Фердинанд Бол. Старуха с книгой на коленях (Костюмированный портрет старухи восьмидесяти одного года). 1651. Холст, масло. 129 100 см. Эрмитаж, Санкт-Петербург
Некоторые из этих копий, созданных по авторской модели в 1630–1640-е годы, весьма недурны. В особенности картины на исторические сюжеты и портреты кисти Говерта Флинка говорят о формировании индивидуального стиля, который к 1640-м годам, как свидетельствуют его работы, написанные для зала собраний гильдии стрелков, станет все сильнее отличаться от манеры его учителя, а ее характерными признаками сделаются более резкий свет и более яркие цвета. Впрочем, среди учеников Рембрандта было немало посредственностей и даже полных бездарностей, которых сегодня почему-то благоговейно почитают и не по праву восхваляют. Но даже в тех случаях, когда их исполнительский уровень говорит об известном мастерстве, ни один из учеников, коллег, ассистентов Рембрандта никогда не достиг той оригинальности замысла, которую обнаруживают «Урок анатомии доктора Тульпа», «Ян Рейксен и Грит Янс» или портрет супружеской четы Ансло.

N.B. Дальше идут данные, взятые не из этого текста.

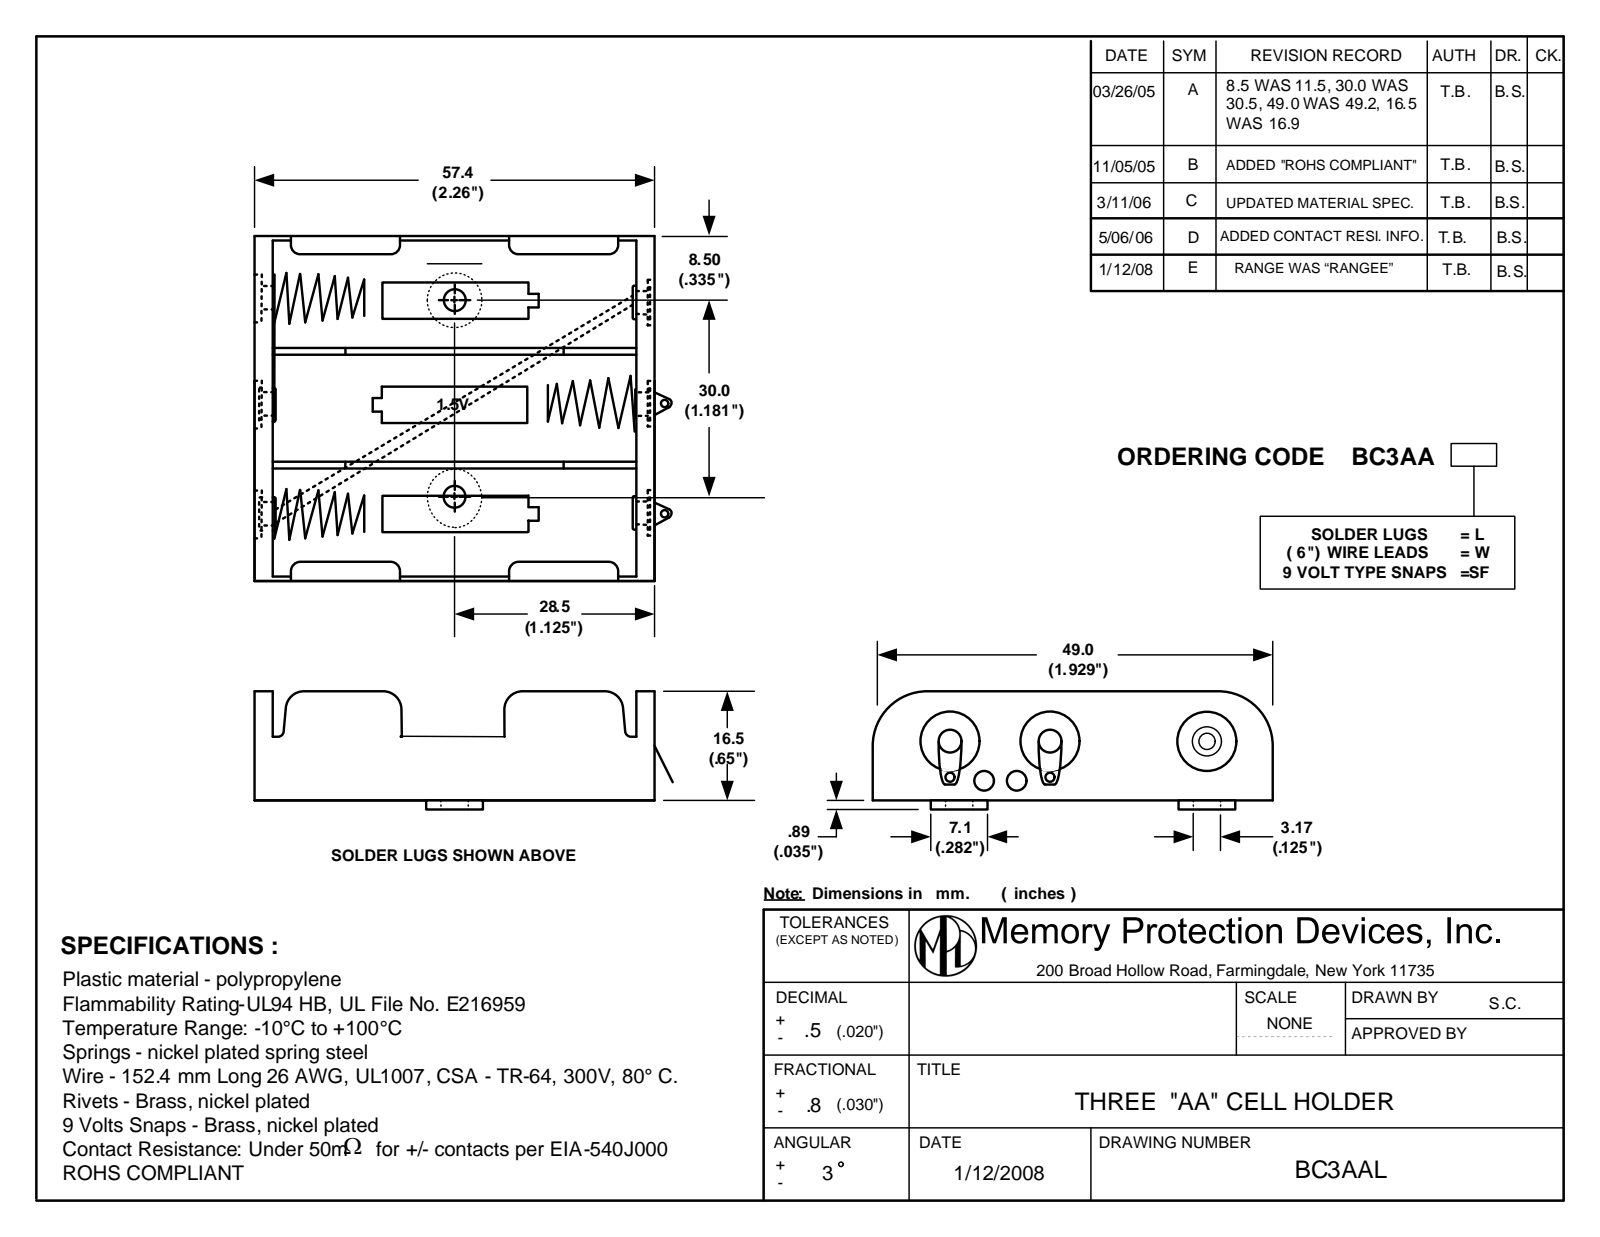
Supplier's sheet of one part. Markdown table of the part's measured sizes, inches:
| quantity | value |
| --- | --- |
| part name | BC3AAL |
| STEP written by | SolidWorks 2016 (AUTOMOTIVE_DESIGN) |
| units | inches |
| bodies | 8 solids, 484 faces (234 planar, 168 cylindrical, 82 other) |
| overall size | 2.367 × 1.929 × 0.65 |
| volume | 0.535 in³ |
| surface area | 23.58 in² |
| round holes (diameter × count) | 0.146 × 6, 0.079 × 5, 0.091 × 3, 0.118 × 3, 0.299 × 3, 0.031 × 2, 0.122 × 2, 0.197 × 2 |
| round bosses / shafts (diameter × count) | 0.185 × 6, 0.244 × 3, 0.138 × 3, 0.024 × 2, 0.028 × 1 |
| partial cylindrical surfaces (radius × count) | 0.098 × 8, 0.055 × 2, 0.118 × 2, 0.148 × 2, 0.157 × 2, 0.161 × 2, 0.354 × 1, 0.367 × 1 |
| main face-to-face distances | 0.043, 0.061, 2.217, 1.886, 0.643, 0.622, 1.265, 1.264, 0.621, 2.173 |
| hole center spacings | 0.643, 1.628, 0.643, 1.286, 1.496, 0.504, 0.742, 0.758 |
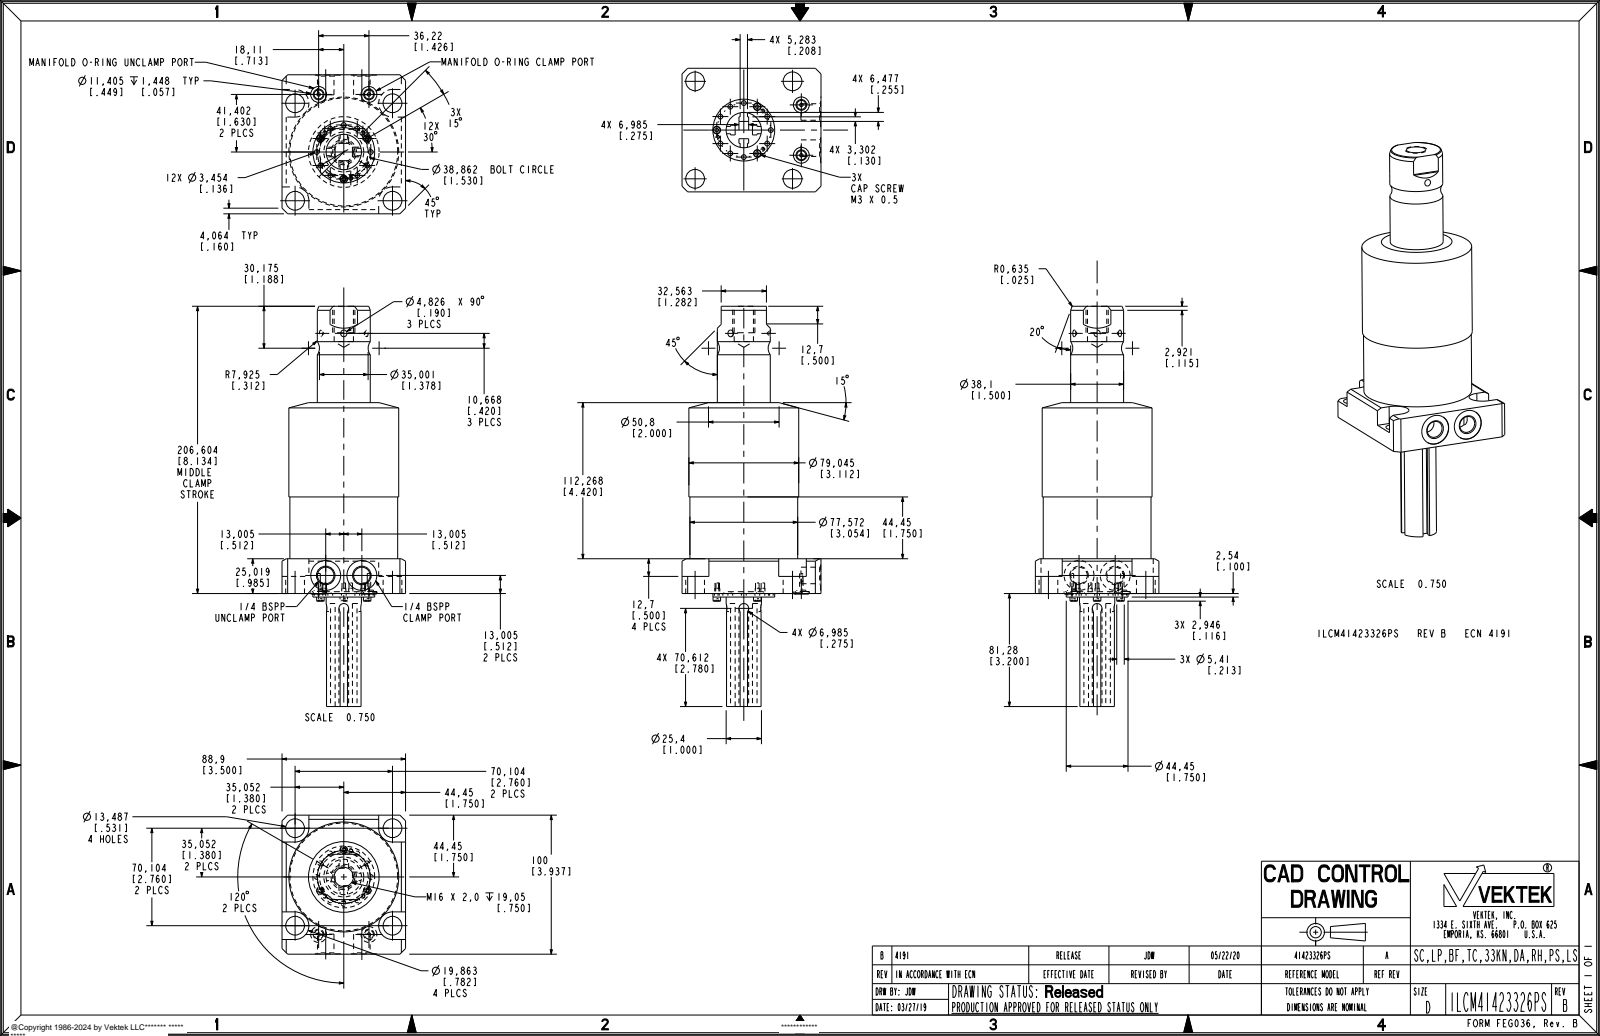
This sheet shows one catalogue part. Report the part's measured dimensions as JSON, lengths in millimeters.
{"part_name": "ILCM41423326PS", "step_written_by": "PRO/ENGINEER BY PARAMETRIC TECHNOLOGY CORPORATION, 2013320 (AUTOMOTIVE_DESIGN)", "units": "millimeters", "bodies": {"solids": 1, "faces": 279, "planar": 131, "cylindrical": 114, "other": 34}, "overall_size": [287.88, 100, 88.9], "volume_mm3": 834054, "surface_area_mm2": 80886, "round_holes": [[3.45, 12], [2.54, 6], [13.49, 4], [2.49, 2], [6.5, 2], [11.4, 2], [11.89, 2], [21.49, 2], [13.87, 1], [28.7, 1]], "round_bosses_or_shafts": [[3, 6], [5.41, 3], [79.05, 1], [77.57, 1], [44.45, 1], [38.1, 1], [25.4, 1], [18.26, 1]], "partial_cylinders_radius": [[9.93, 4], [0.76, 2], [3.49, 2]], "face_to_face_distances": [25.02, 2.73, 9.71, 88.9, 3.58, 8.86, 0.85, 6.13, 50.67, 38.23], "hole_center_spacings": [19.43, 33.66, 10.06, 19.44, 37.54, 27.49, 31.2, 38.37]}

Беда самых усердных учеников заключалась в том, что стоило им (иногда легко, иногда в муках) привить технику Рембрандта к своим природным способностям, как их учитель уже радикально пересматривал основы собственного стиля. К началу 1640-х годов, когда в его мастерской появилась новая когорта учеников, в том числе некоторые из наиболее талантливых его последователей: Карел Фабрициус и его брат Барент, Самуэль ван Хогстратен, – Рембрандт постепенно отказывался от стиля барочных картин на исторические сюжеты, с их ярким, насыщенным цветом и динамизмом, к которым он тяготел на протяжении всего предшествующего десятилетия (вроде «Пира Валтасара» и «Самсонов»), в пользу куда более плотной, скульптурной манеры письма и более созерцательных и поэтичных в своей самоуглубленности сюжетов. Его палитра отныне по большей части сводится к знаменитому набору четырех цветов: черного, белого, желтой охры и красной земли, – которыми, по словам Плиния, ограничивался сам Апеллес, даже когда писал в храме Артемиды Эфесской «Александра Великого с молнией в руке»[552]. Однако в 1640-е годы Рембрандта, по-видимому, мало интересовали грозные и яростные зрелища и блеск металла. Вместо этого на его полотнах воцаряются всепоглощающие земляные тона, сами краски делаются более плотными и густыми, менее прозрачными, он все чаще добавляет в них ингредиенты, напоминающие песок, вроде перемолотого кварца или двуокиси кремния. Теперь он редко пишет на деревянных досках, предпочитая грубоватую текстуру холста, который становится неотъемлемой составной частью произведения и на поверхность которого он своей широкой кистью накладывает густые мазки, неровным слоем распределяя вязкую, словно крем, краску.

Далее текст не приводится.